35 years and 1 week ago today I had my entire colon (large intestine) removed (known as a “colectomy”). I was 11 years old. 6 years earlier I had been diagnosed with Ulcerative Colitis.It was the first of what would be 6 surgeries. I had one each at age 11, 12, 13, 14, 17, and 21.
When I had that first operation, part of what we were expecting was that I would be cured. That was the language and thinking used by the medical community and the CCFA (Crohn’s and Colitis Foundation of America), one of the primary funders of research for Inflammatory Bowel Disease (IBD, which includes both Ulcerative Colitis and Crohn’s Disease). The idea is that you if you take out the colon, you can’t have Ulcerative Colitis. This didn’t work out for me, though, because when I was 20, I was re-diagnosed with Crohn’s Disease. Even if it did work out I think the word “cure” used in the context of removing your entire colon which alters your life permanently in big and small ways is misleading to patients and their families. To their credit, some, including the CCFA, have stopped calling colectomies cures.

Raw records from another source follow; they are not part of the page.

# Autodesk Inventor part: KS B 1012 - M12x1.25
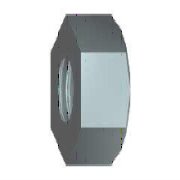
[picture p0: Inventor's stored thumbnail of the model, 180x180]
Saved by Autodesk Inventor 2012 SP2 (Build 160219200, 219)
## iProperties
IsCustomPart: 0
Created: 2009-02
Part Number: KS B 1012 - M12x1.25
Material: 강, 연강
Description: 6각 너트
Document SubType Name: Modeling
Standard: KS B 1012
Designer: KYOUNG IL JANG
Standards Organization: KS
Language: ko-KR
Size Designation: M12x1.25
Categories: <MemberInstance><Categories><Category DisplayName="조임쇠" InternalName="e4da775c-781d-43d5-af7c-5136215cf5a6" Mnemonic="FSTN"><Category DisplayName="너트" InternalN
Density: 1 g/cm^3
Author: KYOUNG IL JANG
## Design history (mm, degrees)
body "Solid1"
sketch "스케치1"
  geometry: L1 (10.97, 0)-(5.485, -9.5); L2 (5.485, -9.5)-(-5.485, -9.5); L3 (-5.485, -9.5)-(-10.97, 0); L4 (-10.97, 0)-(-5.485, 9.5); L5 (-5.485, 9.5)-(5.485, 9.5); L6 (5.485, 9.5)-(10.97, 0); 2 further points
  constraints: 12 end point, 1 coincident, 1 horizontal, 11 other
  dimensions: "d0" = 21.93931 distance of L1.start L3.end (= 1.1547 x SW)
extrude "본체" new body sketch "스케치1" distance "d1" = 10 (= KOH); taper "d2" = 0 deg
revolve "모따기3" stored, may be unused: angle "d5" = 90 deg
sketch "스케치2"
  geometry: 1 further point
hole "스레드" sketch "스케치2" diameter "d6" = 10.647; stored, may be unused: countersink angle "d10" = 82 deg, drill point angle "d12" = 118 deg; dims "d7" = 12.7, "d8" = 9.525, "d9" = 6.35, "d11" = 19.05
workaxis "Work Axis1"
workplane "Work Plane1"
chamfer "모따기1" distance "d13" = 0.67658 (= -0.5 x GD1 + 0.5 x NND); stored, may be unused: angle "d14" = 30 deg, second distance "d21" = 0.67658 (= -0.5 x GD1 + 0.5 x NND)
chamfer "모따기2" distance "d15" = 0.67658 (= -0.5 x GD1 + 0.5 x NND); stored, may be unused: angle "d16" = 30 deg, second distance "d22" = 0.67658 (= -0.5 x GD1 + 0.5 x NND)
sketch "스케치3"
  geometry: L1 (0, 10.97)-(10, 10.97) reference; L2 (10, 5.485)-(10, 10.97) reference; L3 (-2, 0)-(12, 0) reference; L4 (9.151, 10.97)-(10, 9.5)
  constraints: 2 end point, 2 point on line
  dimensions: "d3" = 19 diameter of L4.end L3 (= SW01); "d4" = 30 deg angle of L2 L4 (= ANG2)
other parameters: "ANG2" = 30 deg [user parameter; used in 1 equation term], "NND" = 12 [user parameter; used in 4 equation terms], "KOH" = 10 [user parameter; used in 1 equation term], "SW" = 19 [user parameter; used in 3 equation terms], "SW01" = 19 (= SW) [user parameter; used in 1 equation term], "GD1" = 10.64684 (computed from THREADDIA, PTC, TOA) [user parameter; used in 4 equation terms], "d19" = 0, "d20" = 0, "d24" = 0, "d25" = 0, "GUL" = 0.67658 (= 0.541266 x PTC) [user parameter], "TPU" = 8 (computed from PTC) [user parameter], "TOA" = 30 deg [user parameter; used in 1 equation term], "PTC" = 1.25 [user parameter; used in 4 equation terms], "E0" = 21.945 (= 1.155 x SW) [user parameter], "THREADDIA" = 12 [user parameter; used in 1 equation term], "GAL" = 0.67658 (= 0.541266 x PTC) [user parameter]
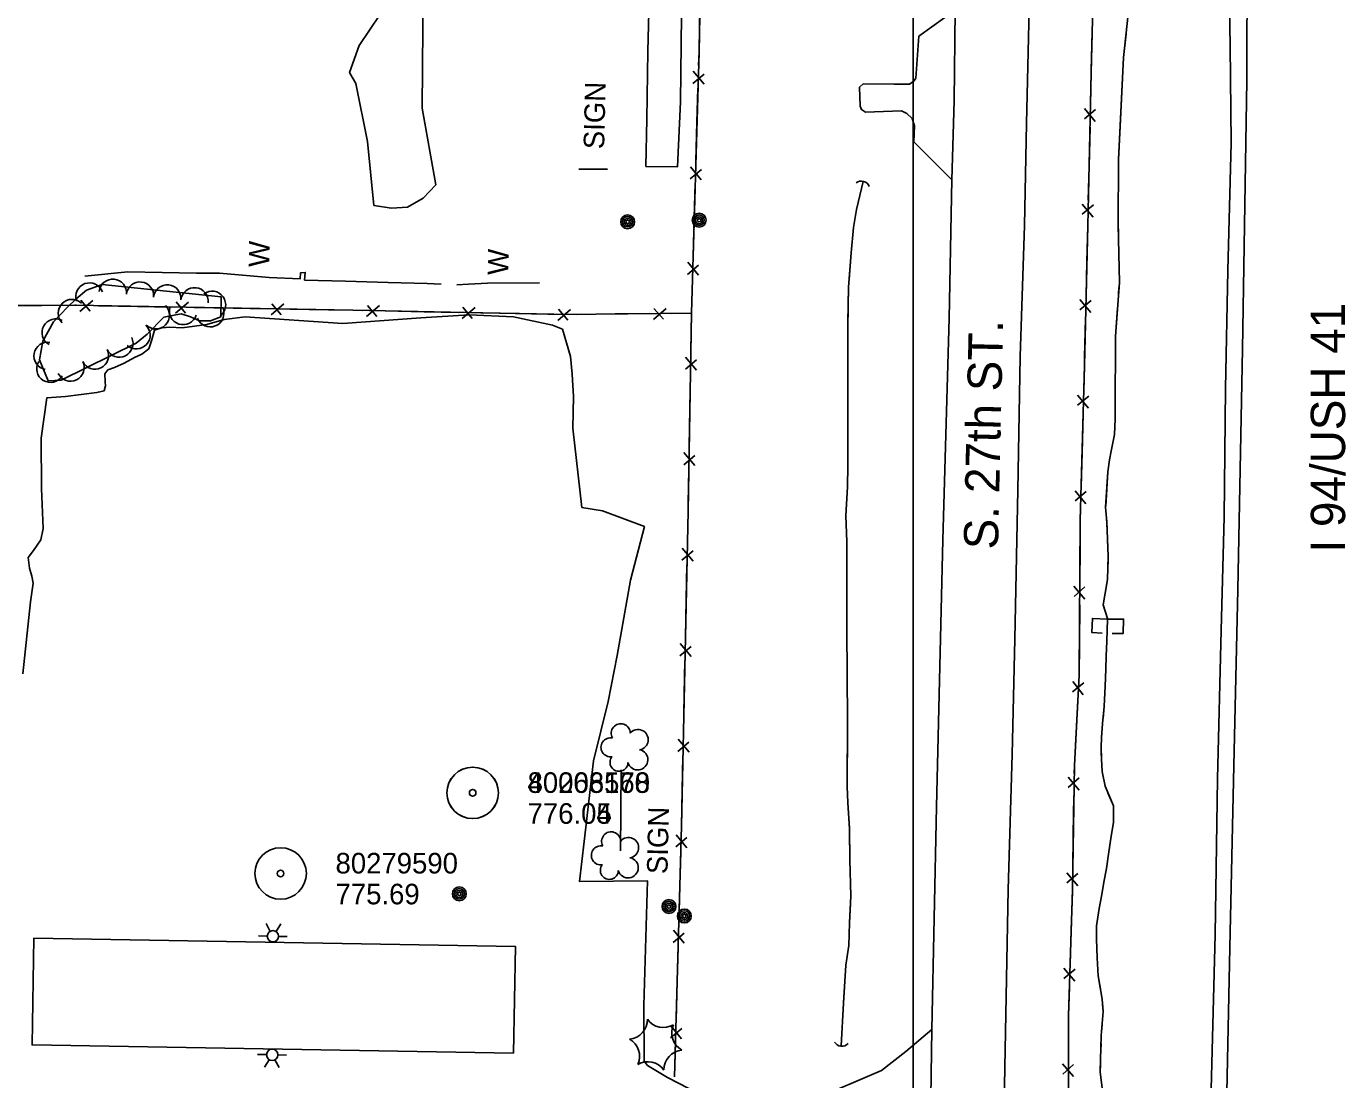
# Model space of a CAD drawing. Extents: x 591954 to 597000, y 198576 to 213500.
# Drawn here: x 593741.5 to 594126.1, y 209562.4 to 209869.5 of the extents above; entities that cross this region are included whole.
import ezdxf

# ---------------------------------------------------------------- set-up
doc = ezdxf.new("R2010")
doc.units = 0
for name, color, linetype in [('1', 7, 'Continuous'), ('Level 10', 7, 'Continuous'), ('Level 11', 7, 'Continuous'), ('Level 12', 7, 'Continuous'), ('Level 14', 7, 'Continuous'), ('Level 15', 7, 'Continuous'), ('Level 17', 7, 'Continuous'), ('Level 18', 7, 'Continuous'), ('Level 19', 7, 'Continuous'), ('Level 6', 7, 'Continuous')]:
    doc.layers.add(name, color=color, linetype=linetype)

msp = doc.modelspace()

# ---------------------------------------------------------------- linework, layer by layer
at = {"layer": 'Level 10'}
for p, q in [((594000, 209500), (594000, 210500)), ((594000, 208500), (594000, 210000))]:
    msp.add_line(p, q, dxfattribs=at)
at = {"layer": 'Level 11'}
for points in [[(594091.31, 209554.07), (594092.34, 209600.93), (594093.45, 209653.95), (594094.63, 209705.34), (594096.03, 209775.4), (594097.26, 209853.63), (594097.48, 209924.76), (594097.61, 209991.03), (594097.47, 210057.15), (594095.7, 210107.83), (594092.7, 210159.9), (594089.31, 210197.02), (594083.96, 210243.66), (594078.7, 210282.56), (594060.94, 210385.67)], [(594086.72, 209555.89), (594087.98, 209604.77), (594088.71, 209650.16), (594089.73, 209693.47), (594090.69, 209726.46), (594091.06, 209763.95), (594091.76, 209798.33), (594092.66, 209835.57), (594092.35, 209863.88), (594091.82, 209896.8)], [(594034.04, 209883.08), (594033, 209841.22), (594032.48, 209811.52), (594031.17, 209773.23), (594030.5, 209734.28), (594029.58, 209690.89), (594028.84, 209657.2), (594027.72, 209617.9), (594026.37, 209550.34)], [(594011.28, 209824.83), (594011.94, 209847.85), (594012.22, 209874.26)], [(594005.47, 209577.06), (594006.8, 209641.94), (594008.65, 209719.87), (594010.5, 209784.41), (594011.28, 209824.83)], [(594005.08, 209550.72), (594005.47, 209577.06)]]:
    msp.add_lwpolyline(points, dxfattribs=at)
at = {"layer": 'Level 12'}
msp.add_lwpolyline([(593883.47, 209570.18), (593743.1, 209572.58), (593743.64, 209603.71), (593884.01, 209601.3), (593883.47, 209570.18)], dxfattribs=at)
at = {"layer": 'Level 14'}
for p, q in [((593812.54, 209605.67), (593811.34, 209607.97)), ((593814.24, 209605.66), (593815.61, 209607.89)), ((593811.7, 209604.3), (593809.1, 209604.37)), ((593814.98, 209604.21), (593817.5, 209604.14)), ((593812.46, 209602.81), (593812.29, 209602.53)), ((593814.1, 209602.77), (593814.25, 209602.5)), ((593811.48, 209569.73), (593808.88, 209569.8)), ((593812.32, 209571.1), (593812.16, 209571.4)), ((593814.02, 209571.09), (593814.19, 209571.37)), ((593814.76, 209569.64), (593817.28, 209569.57)), ((593812.24, 209568.24), (593810.88, 209566.05)), ((593813.88, 209568.2), (593815.12, 209566.02))]:
    msp.add_line(p, q, dxfattribs=at)
for points in [[(593910.85, 209827.88), (593902.52, 209827.87)], [(593914.65, 209629.17), (593914.81, 209652.75)]]:
    msp.add_lwpolyline(points, dxfattribs=at)
for centre, radius in [((593937.58, 209813.02), 2.02), ((593916.74, 209812.56), 2.02), ((593916.74, 209812.58), 1.52), ((593916.75, 209812.54), 1.01), ((593916.75, 209812.55), 0.502), ((593937.58, 209813.03), 1.52), ((593937.58, 209812.99), 1.01), ((593937.59, 209813), 0.502), ((593867.67, 209616.61), 2.02), ((593867.67, 209616.62), 1.52), ((593867.68, 209616.58), 1.01), ((593867.68, 209616.59), 0.502), ((593928.8, 209612.91), 2.02), ((593928.79, 209612.92), 1.52), ((593928.8, 209612.88), 1.01), ((593928.8, 209612.89), 0.502), ((593933.27, 209610.14), 2.02), ((593933.27, 209610.15), 1.52), ((593933.28, 209610.11), 1.01), ((593933.28, 209610.12), 0.502), ((593813.34, 209604.24), 1.64), ((593813.12, 209569.67), 1.64)]:
    msp.add_circle(centre, radius, dxfattribs=at)
at = {"layer": 'Level 15'}
for p, q in [((593935.79, 209852.91), (593939.04, 209855.61)), ((593939.02, 209852.65), (593935.89, 209856.46)), ((594049.92, 209845.56), (594053.07, 209841.77)), ((594053.16, 209845.32), (594049.92, 209842.6)), ((593934.98, 209825.06), (593938.23, 209827.77)), ((593938.21, 209824.8), (593935.08, 209828.61)), ((594049.27, 209817.71), (594052.43, 209813.92)), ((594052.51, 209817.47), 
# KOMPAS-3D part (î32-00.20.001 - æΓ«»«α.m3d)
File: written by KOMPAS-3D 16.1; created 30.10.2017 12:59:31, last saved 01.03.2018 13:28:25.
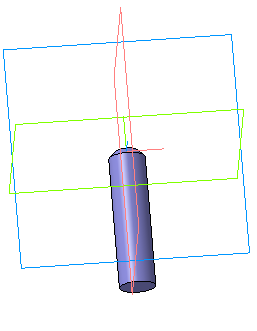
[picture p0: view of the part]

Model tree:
1. Эскиз:12
2. Операция вращения:1
     Угол 1 = 360
3. Фаска:5
     Угол = 45; Длина 1 = 1.5; Длина 2 = 1.5

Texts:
  Полипропилен  ГОСТ 26996-86
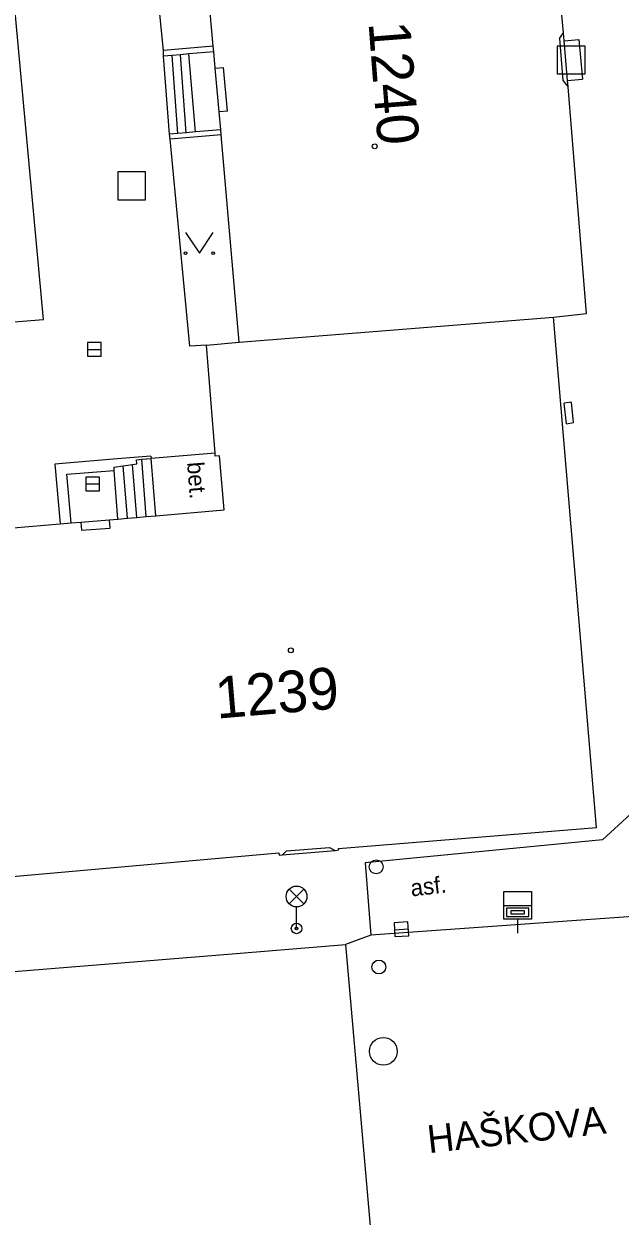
# Model space of a CAD drawing. Extents: x -642282 to -641982, y -1041678 to -1041427.
# Drawn here: x -642224.25 to -642202.75, y -1041576.77 to -1041533.81 of the extents above; entities that cross this region are included whole.
import ezdxf

# ---------------------------------------------------------------- set-up
doc = ezdxf.new("R2010")
doc.units = 0
for name, color, linetype in [('Budovy', 7, 'Continuous'), ('Popis povrchů', 7, 'Continuous'), ('Popis ulice', 7, 'Continuous'), ('Popis ČP_ ČE', 7, 'Continuous'), ('Pris-HUP', 7, 'Continuous'), ('Rozhraní ploch 1', 7, 'Continuous'), ('Rozhraní ploch 2', 7, 'Continuous'), ('Znaky doprava', 7, 'Continuous'), ('Znaky kanalizace', 7, 'Continuous'), ('Znaky plyn', 7, 'Continuous'), ('Znaky voda', 7, 'Continuous'), ('Značky KM', 7, 'Continuous'), ('Značky předmětů', 7, 'Continuous'), ('Šachty ner_', 7, 'Continuous')]:
    doc.layers.add(name, color=color, linetype=linetype)

msp = doc.modelspace()

# ---------------------------------------------------------------- linework, layer by layer
at = {"layer": 'Budovy'}
for p, q in [((-642204.8, -1041534.14), (-642205.513, -1041526.125)), ((-642217.42, -1041534.621), (-642218.078, -1041527.179)), ((-642204.94, -1041534.34), (-642204.8, -1041534.14)), ((-642204.94, -1041534.34), (-642204.82, -1041535.86)), ((-642204.775, -1041534.427), (-642204.8, -1041534.14)), ((-642204.65, -1041535.857), (-642204.775, -1041534.427)), ((-642217.402, -1041534.82), (-642217.42, -1041534.621)), ((-642217.35, -1041535.41), (-642217.402, -1041534.82)), ((-642217.35, -1041535.41), (-642217.051, -1041535.384)), ((-642217.21, -1041536.99), (-642217.35, -1041535.41)), ((-642216.911, -1041536.964), (-642217.051, -1041535.384)), ((-642204.82, -1041535.86), (-642204.63, -1041536.08)), ((-642204.63, -1041536.08), (-642204.65, -1041535.857)), ((-642203.97, -1041544.25), (-642204.63, -1041536.08)), ((-642216.911, -1041536.964), (-642217.21, -1041536.99)), ((-642217.154, -1041537.63), (-642217.21, -1041536.99)), ((-642217.139, -1041537.811), (-642217.154, -1041537.63)), ((-642216.49, -1041545.28), (-642217.139, -1041537.811)), ((-642205.16, -1041544.38), (-642203.97, -1041544.25)), ((-642216.49, -1041545.28), (-642205.16, -1041544.38)), ((-642203.61, -1041562.76), (-642205.16, -1041544.38)), ((-642217.67, -1041545.39), (-642216.49, -1041545.28)), ((-642217.358, -1041549.277), (-642217.67, -1041545.39)), ((-642217.348, -1041549.393), (-642217.358, -1041549.277)), ((-642217.199, -1041549.38), (-642217.348, -1041549.393)), ((-642217.03, -1041551.32), (-642217.199, -1041549.38)), ((-642221.17, -1041551.68), (-642220.86, -1041551.653)), ((-642220.86, -1041551.653), (-642220.519, -1041551.623)), ((-642220.519, -1041551.623), (-642220.177, -1041551.593)), ((-642220.177, -1041551.593), (-642219.837, -1041551.563)), ((-642219.837, -1041551.563), (-642219.495, -1041551.534)), ((-642219.495, -1041551.534), (-642217.03, -1041551.32)), ((-642227.82, -1041552.25), (-642222.939, -1041551.824)), ((-642222.939, -1041551.824), (-642222.541, -1041551.79)), ((-642222.541, -1041551.79), (-642222.2, -1041551.76)), ((-642222.2, -1041551.76), (-642221.17, -1041551.68)), ((-642222.2, -1041551.76), (-642222.177, -1041552.059)), ((-642222.177, -1041552.059), (-642221.147, -1041551.979)), ((-642221.17, -1041551.68), (-642221.147, -1041551.979)), ((-642212.905, -1041563.517), (-642203.61, -1041562.76)), ((-642226.67, -1041564.71), (-642215.057, -1041563.683)), ((-642215.057, -1041563.683), (-642215.05, -1041563.759)), ((-642214.93, -1041563.75), (-642213.03, -1041563.59)), ((-642214.93, -1041563.75), (-642214.78, -1041563.61)), ((-642214.78, -1041563.61), (-642213.23, -1041563.48)), ((-642213.23, -1041563.48), (-642213.03, -1041563.59)), ((-642213.03, -1041563.59), (-642212.899, -1041563.573)), ((-642212.899, -1041563.573), (-642212.905, -1041563.517)), ((-642215.05, -1041563.759), (-642214.93, -1041563.75))]:
    msp.add_line(p, q, dxfattribs=at)
at = {"layer": 'Pris-HUP'}
for p, q in [((-642204.51, -1041547.44), (-642204.77, -1041547.48)), ((-642204.69, -1041548.22), (-642204.77, -1041547.48)), ((-642204.43, -1041548.18), (-642204.51, -1041547.44)), ((-642204.69, -1041548.22), (-642204.43, -1041548.18))]:
    msp.add_line(p, q, dxfattribs=at)
at = {"layer": 'Rozhraní ploch 1'}
for p, q in [((-642219.22, -1041534.78), (-642220.29, -1041523.64)), ((-642223.54, -1041544.46), (-642225.41, -1041524.17)), ((-642218.27, -1041545.43), (-642218.97, -1041537.97)), ((-642236.736, -1041545.531), (-642223.54, -1041544.46)), ((-642217.67, -1041545.39), (-642218.27, -1041545.43)), ((-642221.033, -1041549.501), (-642223.135, -1041549.674)), ((-642219.667, -1041549.389), (-642221.033, -1041549.501)), ((-642220.18, -1041549.67), (-642220.19, -1041549.52)), ((-642219.667, -1041549.389), (-642219.66, -1041549.47)), ((-642223.135, -1041549.674), (-642222.939, -1041551.824)), ((-642222.7, -1041550.04), (-642221, -1041549.9)), ((-642221, -1041549.9), (-642220.99, -1041549.78)), ((-642222.541, -1041551.79), (-642222.7, -1041550.04)), ((-642217.327, -1041567.358), (-642212.65, -1041566.98)), ((-642237.538, -1041568.993), (-642217.327, -1041567.358))]:
    msp.add_line(p, q, dxfattribs=at)
for points in [[(-642220.19, -1041549.52), (-642220.001, -1041549.502), (-642219.66, -1041549.47)], [(-642220.99, -1041549.78), (-642220.67, -1041549.737), (-642220.329, -1041549.69), (-642220.18, -1041549.67)], [(-642195.89, -1041565.52), (-642211.74, -1041566.64)], [(-642211.74, -1041566.64), (-642212.65, -1041566.98)]]:
    msp.add_lwpolyline(points, dxfattribs=at)
at = {"layer": 'Rozhraní ploch 2'}
for p, q in [((-642204.775, -1041534.427), (-642204.24, -1041534.38)), ((-642204.24, -1041534.38), (-642204.11, -1041535.81)), ((-642217.42, -1041534.621), (-642219.22, -1041534.78)), ((-642219.21, -1041534.98), (-642219.22, -1041534.78)), ((-642218.057, -1041537.709), (-642218.301, -1041534.899)), ((-642219, -1041537.79), (-642219.21, -1041534.98)), ((-642218.697, -1041537.764), (-642218.907, -1041534.953)), ((-642218.394, -1041537.738), (-642218.604, -1041534.926)), ((-642204.65, -1041535.857), (-642204.11, -1041535.81)), ((-642218.97, -1041537.97), (-642219, -1041537.79)), ((-642217.139, -1041537.811), (-642218.97, -1041537.97)), ((-642219.837, -1041551.563), (-642220.001, -1041549.502)), ((-642217.358, -1041549.277), (-642219.66, -1041549.47)), ((-642219.495, -1041551.534), (-642219.66, -1041549.47)), ((-642220.86, -1041551.653), (-642221, -1041549.9)), ((-642220.519, -1041551.623), (-642220.67, -1041549.737)), ((-642220.177, -1041551.593), (-642220.329, -1041549.69)), ((-642197.01, -1041557.36), (-642203.39, -1041563.21)), ((-642203.39, -1041563.21), (-642211.95, -1041564.04)), ((-642211.95, -1041564.04), (-642211.74, -1041566.64))]:
    msp.add_line(p, q, dxfattribs=at)
for points in [[(-642217.402, -1041534.82), (-642218.301, -1041534.899), (-642218.604, -1041534.926), (-642218.907, -1041534.953), (-642219.21, -1041534.98)], [(-642217.154, -1041537.63), (-642218.057, -1041537.709), (-642218.394, -1041537.738), (-642218.697, -1041537.764), (-642219, -1041537.79)], [(-642212.65, -1041566.98), (-642212.04, -1041573.97)], [(-642212.04, -1041573.97), (-642211.41, -1041581.24)]]:
    msp.add_lwpolyline(points, dxfattribs=at)
at = {"layer": 'Znaky doprava'}
for p, q in [((-642214.685, -1041564.985), (-642214.155, -1041565.515)), ((-642214.685, -1041565.515), (-642214.155, -1041564.985)), ((-642214.42, -1041566.4), (-642214.42, -1041565.625))]:
    msp.add_line(p, q, dxfattribs=at)
for centre, radius in [((-642214.42, -1041565.25), 0.375), ((-642214.42, -1041566.4), 0.19), ((-642214.42, -1041566.4), 0.05)]:
    msp.add_circle(centre, radius, dxfattribs=at)
at = {"layer": 'Znaky kanalizace'}
for p, q in [((-642221.96, -1041545.54), (-642221.46, -1041545.54)), ((-642222.02, -1041550.39), (-642221.52, -1041550.39)), ((-642210.889, -1041566.446), (-642210.391, -1041566.414))]:
    msp.add_line(p, q, dxfattribs=at)
for points in [[(-642221.96, -1041545.79), (-642221.46, -1041545.79), (-642221.46, -1041545.29), (-642221.96, -1041545.29)], [(-642222.02, -1041550.64), (-642221.52, -1041550.64), (-642221.52, -1041550.14), (-642222.02, -1041550.14)], [(-642210.873, -1041566.696), (-642210.374, -1041566.663), (-642210.407, -1041566.164), (-642210.906, -1041566.197)]]:
    msp.add_lwpolyline(points, close=True, dxfattribs=at)
msp.add_circle((-642211.29, -1041570.83), 0.5, dxfattribs=at)
at = {"layer": 'Znaky plyn'}
msp.add_circle((-642211.55, -1041564.18), 0.25, dxfattribs=at)
at = {"layer": 'Znaky voda'}
msp.add_line((-642206.45, -1041566.07), (-642206.45, -1041566.57), dxfattribs=at)
for points in [[(-642206.95, -1041565.57), (-642206.95, -1041565.07), (-642205.95, -1041565.07), (-642205.95, -1041565.57)], [(-642205.95, -1041565.57), (-642205.95, -1041566.07), (-642206.95, -1041566.07), (-642206.95, -1041565.57), (-642205.95, -1041565.57)]]:
    msp.add_lwpolyline(points, dxfattribs=at)
for points in [[(-642206.85, -1041565.97), (-642206.05, -1041565.97), (-642206.05, -1041565.67), (-642206.85, -1041565.67)], [(-642206.7, -1041565.87), (-642206.2, -1041565.87), (-642206.2, -1041565.77), (-642206.7, -1041565.77)]]:
    msp.add_lwpolyline(points, close=True, dxfattribs=at)
msp.add_circle((-642211.45, -1041567.79), 0.25, dxfattribs=at)
at = {"layer": 'Značky KM'}
for p, q in [((-642218.424, -1041541.329), (-642217.924, -1041542.079)), ((-642217.924, -1041542.079), (-642217.424, -1041541.329))]:
    msp.add_line(p, q, dxfattribs=at)
for centre in [(-642218.424, -1041542.079), (-642217.424, -1041542.079)]:
    msp.add_circle(centre, 0.05, dxfattribs=at)
at = {"layer": 'Značky předmětů'}
for centre in [(-642211.6, -1041538.229), (-642214.625, -1041556.384)]:
    msp.add_circle(centre, 0.0875, dxfattribs=at)
at = {"layer": 'Šachty ner_'}
for points in [[(-642205.02, -1041535.62), (-642204.02, -1041535.62), (-642204.02, -1041534.62), (-642205.02, -1041534.62)], [(-642220.86, -1041540.15), (-642219.86, -1041540.15), (-642219.86, -1041539.15), (-642220.86, -1041539.15)]]:
    msp.add_lwpolyline(points, close=True, dxfattribs=at)

# ---------------------------------------------------------------- texts
at = {"layer": 'Popis povrchů'}
for s, rotation, p in [('bet.', 274.5706, (-642218.368, -1041549.616)), ('asf.', 6.5477, (-642210.275, -1041565.25))]:
    msp.add_text(s, height=0.6, rotation=rotation, dxfattribs=at).set_placement(p)
at = {"layer": 'Popis ulice'}
msp.add_text('HAŠKOVA', height=1, rotation=6.3457, dxfattribs=at).set_placement((-642209.65, -1041574.498))
at = {"layer": 'Popis ČP_ ČE'}
for s, rotation, p in [('1240', 274.458, (-642211.827, -1041533.776)), ('1239', 4.86, (-642217.289, -1041558.845))]:
    msp.add_text(s, height=1.5, rotation=rotation, dxfattribs=at).set_placement(p)

doc.saveas('drawing.dxf')

Anyway, when they told me I had Crohn’s, it meant that I was not cured and I thought I was going to have to go through all the horrible things I went through in the first 20 years of my life again and I just really didn’t think I could. So far, it’s turned out that I had one more surgery at age 21 and haven’t had to have one since. I do have number 7 coming up but not for Crohn’s, for a torn rotator cuff. One fear I have about it is that I will get sick again as I did before my last surgery. I was so terrified of having another surgery that I think I stressed myself into sickness because I took a major downturn that began when we finalized the date and ended with the removal of more of my small intestine (some had previously been removed in other surgeries).